- Brassler Kane working in 1939
- Born: May 25, 1909 East Orange, New Jersey, U.S.
- Died: April 10, 2006 (aged 96) Cos Cob, Connecticut, U.S.
- Style: Figurative art, sculpture

= Margaret Brassler Kane =

American sculptor

Margaret Brassler Kane (May 25, 1909 – April 10, 2006) was an American figurative sculptor known for her use of the direct-carving method.

Brassler Kane was born to parents Hans and Mathilde Trumpler Brassler in East Orange, New Jersey, and moved with her parents to Brooklyn in 1918. She attended Packer Collegiate Institute, Syracuse University, and the Art Students League of New York, as well as took lessons with John Hovannes. She won a number of prizes for her art during the 1940s. Many of her pieces depicted contemporary life and tackled current issues of the day, including socioeconomic injustice and war. Brassler Kane was married to Arthur Ferris Kane in June 1930.

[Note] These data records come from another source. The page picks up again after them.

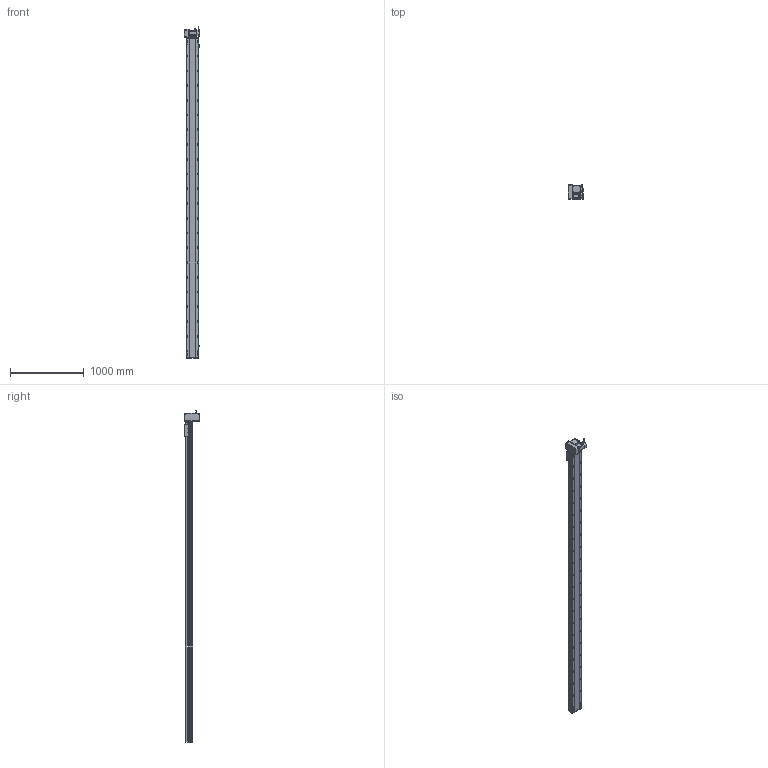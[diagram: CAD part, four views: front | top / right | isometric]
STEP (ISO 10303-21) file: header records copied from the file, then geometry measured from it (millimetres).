
FILE_DESCRIPTION (( 'STEP AP214' ), '1' );
FILE_NAME ('RTB17S-XX-4050-LM-M75-C4.STEP', '2025-12-12T00:55:57', ( '' ), ( '' ), 'SwSTEP 2.0', 'SolidWorks 2018', '' );
FILE_SCHEMA (( 'AUTOMOTIVE_DESIGN' ));
Length unit declared in the file: millimetre
Products named in the file (15): RTB17-R-011菁釱^RTB17S-XX-XX-LM-M75-C4; RTB22S-GY-008-M75--萇儂啣^RTB17S-LM-々湍釱蚾饜-750W_RTB17S-XX-XX-LM-M75-C4; RTB22S-GY-017P^RTB17S-LM-々湍釱蚾饜-750W_RTB17S-XX-XX-LM-M75-C4; RTB17S-L-007奻裔^RTB17S-XX-XX-LM-M75-C4; 750W萇儂^RTB17S-XX-XX-LM-M75-C4; EE672^RTB17S-XX-XX-LM-M75-C4; RTB17S-賑釱^RTB17S-XX-XX-LM-M75-C4; RTB17S-LM-々湍釱蚾饜-750W^RTB17S-XX-XX-LM-M75-C4; RTB17S-L-001-耜醱啣^RTB17S-XX-XX-LM-M75-C4; RTB22S-GY-005P^RTB17S-LM-々湍釱蚾饜-750W_RTB17S-XX-XX-LM-M75-C4; RTB22S-GY-018P^RTB17S-LM-々湍釱蚾饜-750W_RTB17S-XX-XX-LM-M75-C4; RTH13-BL-012覜茼え俋离^RTB17S-賑釱_RTB17S-XX-XX-LM-M75-C4; RTB17S-L-004-賑釱^RTB17S-賑釱_RTB17S-XX-XX-LM-M75-C4; RTB17S-L-014-T20-P75--々湍釱^RTB17S-LM-々湍釱蚾饜-750W_RTB17S-XX-XX-LM-M75-C4; RTB17S-XX-4050-LM-M75-C4
Assembly tree (17 placements, depth 3):
  RTB17S-XX-4050-LM-M75-C4
    RTB17-R-011菁釱^RTB17S-XX-XX-LM-M75-C4
    EE672^RTB17S-XX-XX-LM-M75-C4  x3
    RTB17S-L-001-耜醱啣^RTB17S-XX-XX-LM-M75-C4
    RTB17S-賑釱^RTB17S-XX-XX-LM-M75-C4
      RTB17S-L-004-賑釱^RTB17S-賑釱_RTB17S-XX-XX-LM-M75-C4
      RTH13-BL-012覜茼え俋离^RTB17S-賑釱_RTB17S-XX-XX-LM-M75-C4
    RTB17S-L-007奻裔^RTB17S-XX-XX-LM-M75-C4
    750W萇儂^RTB17S-XX-XX-LM-M75-C4
    RTB17S-LM-々湍釱蚾饜-750W^RTB17S-XX-XX-LM-M75-C4
      RTB17S-L-014-T20-P75--々湍釱^RTB17S-LM-々湍釱蚾饜-750W_RTB17S-XX-XX-LM-M75-C4
      RTB22S-GY-005P^RTB17S-LM-々湍釱蚾饜-750W_RTB17S-XX-XX-LM-M75-C4
      RTB22S-GY-017P^RTB17S-LM-々湍釱蚾饜-750W_RTB17S-XX-XX-LM-M75-C4  x2
      RTB22S-GY-008-M75--萇儂啣^RTB17S-LM-々湍釱蚾饜-750W_RTB17S-XX-XX-LM-M75-C4
      RTB22S-GY-018P^RTB17S-LM-々湍釱蚾饜-750W_RTB17S-XX-XX-LM-M75-C4
Bounding box: 210.4 x 200 x 4502.2 mm (x, y, z)
Volume: 31261931.3 mm3; surface area: 5819121.8 mm2
Topology: 17 solids, 17 shells, 2345 faces, 6646 edges, 4310 vertices
Faces by surface type: plane 1002, cylinder 927, bspline 294, cone 110, sphere 8, torus 4
Entity records: 70390 total; most frequent: CARTESIAN_POINT 21110, ORIENTED_EDGE 10136, DIRECTION 9302, EDGE_CURVE 5068, AXIS2_PLACEMENT_3D 3330, VERTEX_POINT 3314, VECTOR 2642, LINE 2642
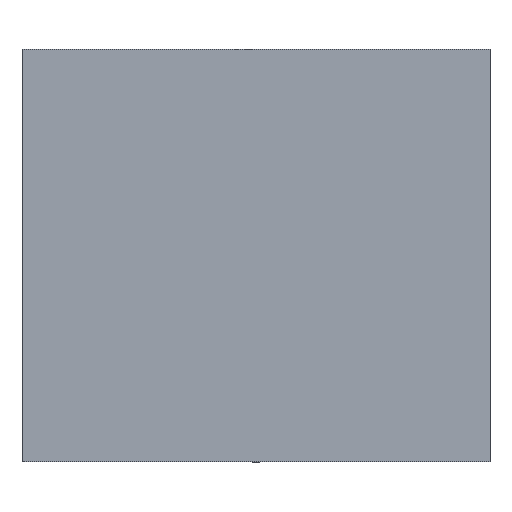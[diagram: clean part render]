
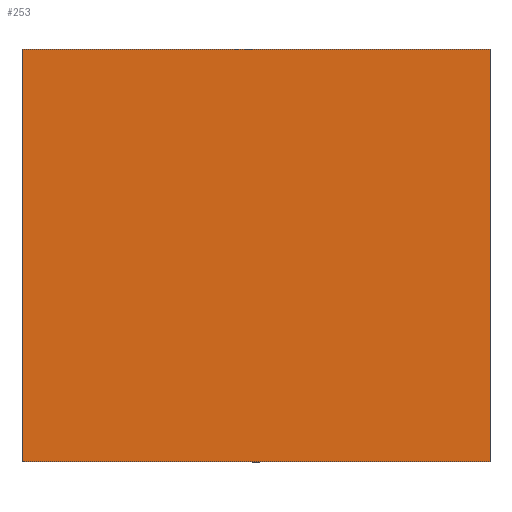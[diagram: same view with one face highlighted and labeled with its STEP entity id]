
A CAD part, left-side view. The second image highlights one B-rep face of the part: STEP entity #253.
In plain terms, the highlighted planar face has unit normal (-1, 0, 0).
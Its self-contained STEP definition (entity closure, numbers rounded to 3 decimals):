
#253 = ADVANCED_FACE( '', ( #568 ), #569, .T. );
#568 = FACE_OUTER_BOUND( '', #964, .T. );
#569 = PLANE( '', #965 );
#964 = EDGE_LOOP( '', ( #1494, #1495, #1496, #1497 ) );
#965 = AXIS2_PLACEMENT_3D( '', #1498, #1499, #1500 );
#1494 = ORIENTED_EDGE( '', *, *, #1995, .F. );
#1495 = ORIENTED_EDGE( '', *, *, #1996, .F. );
#1496 = ORIENTED_EDGE( '', *, *, #1997, .T. );
#1497 = ORIENTED_EDGE( '', *, *, #1992, .T. );
#1498 = CARTESIAN_POINT( '', ( -150., 150., -264.5 ) );
#1499 = DIRECTION( '', ( -1., 0., 0. ) );
#1500 = DIRECTION( '', ( 0., 1., 0. ) );
#1992 = EDGE_CURVE( '', #2331, #2329, #2332, .T. );
#1995 = EDGE_CURVE( '', #2335, #2329, #2336, .T. );
#1996 = EDGE_CURVE( '', #2337, #2335, #2338, .T. );
#1997 = EDGE_CURVE( '', #2337, #2331, #2339, .T. );
#2329 = VERTEX_POINT( '', #2736 );
#2331 = VERTEX_POINT( '', #2739 );
#2332 = LINE( '', #2740, #2741 );
#2335 = VERTEX_POINT( '', #2745 );
#2336 = LINE( '', #2746, #2747 );
#2337 = VERTEX_POINT( '', #2748 );
#2338 = LINE( '', #2749, #2750 );
#2339 = LINE( '', #2751, #2752 );
#2736 = CARTESIAN_POINT( '', ( -150., -150., 0. ) );
#2739 = CARTESIAN_POINT( '', ( -150., -150., -264.5 ) );
#2740 = CARTESIAN_POINT( '', ( -150., -150., -264.5 ) );
#2741 = VECTOR( '', #3104, 1000. );
#2745 = CARTESIAN_POINT( '', ( -150., 150., 0. ) );
#2746 = CARTESIAN_POINT( '', ( -150., 150., 0. ) );
#2747 = VECTOR( '', #3106, 1000. );
#2748 = CARTESIAN_POINT( '', ( -150., 150., -264.5 ) );
#2749 = CARTESIAN_POINT( '', ( -150., 150., -264.5 ) );
#2750 = VECTOR( '', #3107, 1000. );
#2751 = CARTESIAN_POINT( '', ( -150., -150., -264.5 ) );
#2752 = VECTOR( '', #3108, 1000. );
#3104 = DIRECTION( '', ( 0., 0., 1. ) );
#3106 = DIRECTION( '', ( 0., -1., 0. ) );
#3107 = DIRECTION( '', ( 0., 0., 1. ) );
#3108 = DIRECTION( '', ( 0., -1., 0. ) );
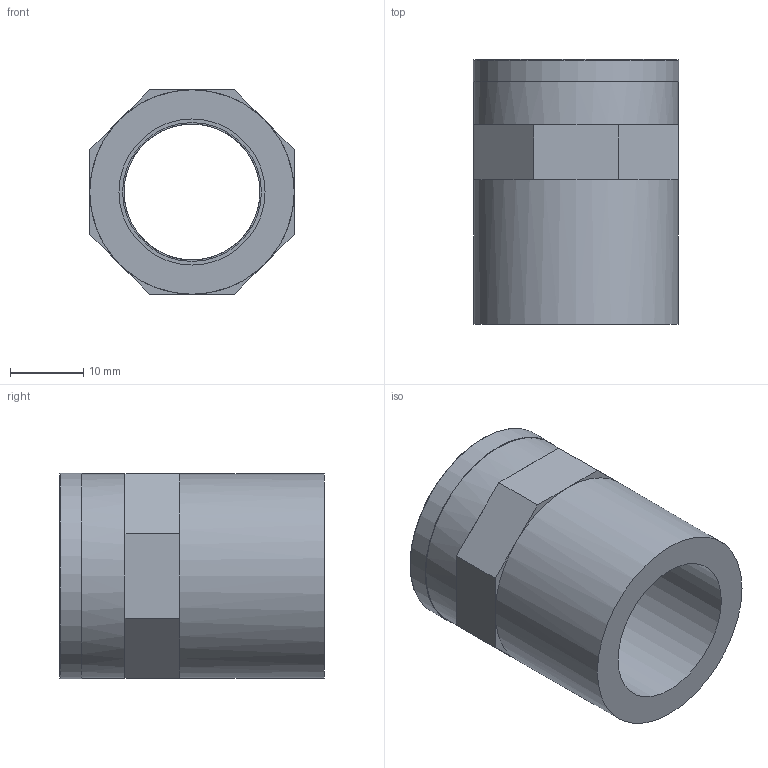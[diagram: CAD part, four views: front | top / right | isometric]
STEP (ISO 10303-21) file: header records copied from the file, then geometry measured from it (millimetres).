
FILE_DESCRIPTION(/* description */ (''),/* implementation_level */ '2;1');
FILE_NAME(/* name */ 'C:\Users\POLYPIPE\Desktop\DATASET INVENTOR\LIBRERIA EFFAST\RACCORDI 3DxWEB\RGR\3D_RGRMAR\3D_RGRMAR020B.stp',/* time_stamp */ '2018-01-19T17:52:22+01:00',/* author */ ('POLYPIPE'),/* organization */ (''),/* preprocessor_version */ 'ST-DEVELOPER v16.1',/* originating_system */ 'Autodesk Inventor 2016',/* authorisation */ '');
FILE_SCHEMA (('CONFIG_CONTROL_DESIGN'));
Length unit declared in the file: centimetre
Products named in the file (1): 3D_RGRMAR020B
Bounding box: 28.2 x 36.25 x 28.2 mm (x, y, z)
Volume: 11430.2 mm3; surface area: 6837.5 mm2
Topology: 1 solids, 1 shells, 44 faces, 92 edges, 54 vertices
Faces by surface type: plane 31, cylinder 7, bspline 5, torus 1
Full cylindrical faces by diameter (mm): 18.631 x1, 19 x1, 20 x1, 23 x1, 28 x2, 28.2 x1
Entity records: 4192 total; most frequent: CARTESIAN_POINT 3211, DIRECTION 185, ORIENTED_EDGE 170, EDGE_CURVE 85, AXIS2_PLACEMENT_3D 71, EDGE_LOOP 57, VERTEX_POINT 54, STYLED_ITEM 45

One of Brassler Kane's best-known works is a group of large relief panels carved in limewood, each six by six feet: Symbols of Changing Man (1937–39), Earthbound (1950–57), and Micro-Macrocosm (1960–67). The panels depict the history of humanity, exploring themes of science, technology, industry, religion, and social conflict. However, until 2018, all of the panels had never been exhibited together. Blackout, which shows a family of refugees fleeing from war, was exhibited at the Metropolitan Museum of Art in 1942 in a contemporary art show entitled "Artists for Victory." Bread and Wine (1940) is a bronze work that contrasts impoverished figures on a Great Depression-era breadline with well-off bargoers mingling over cocktails. Harlem Dancers (1937), carved in Tennessee marble, is in the collection of the Smithsonian American Art Museum.

Kane was a founding member of the Sculptors Guild.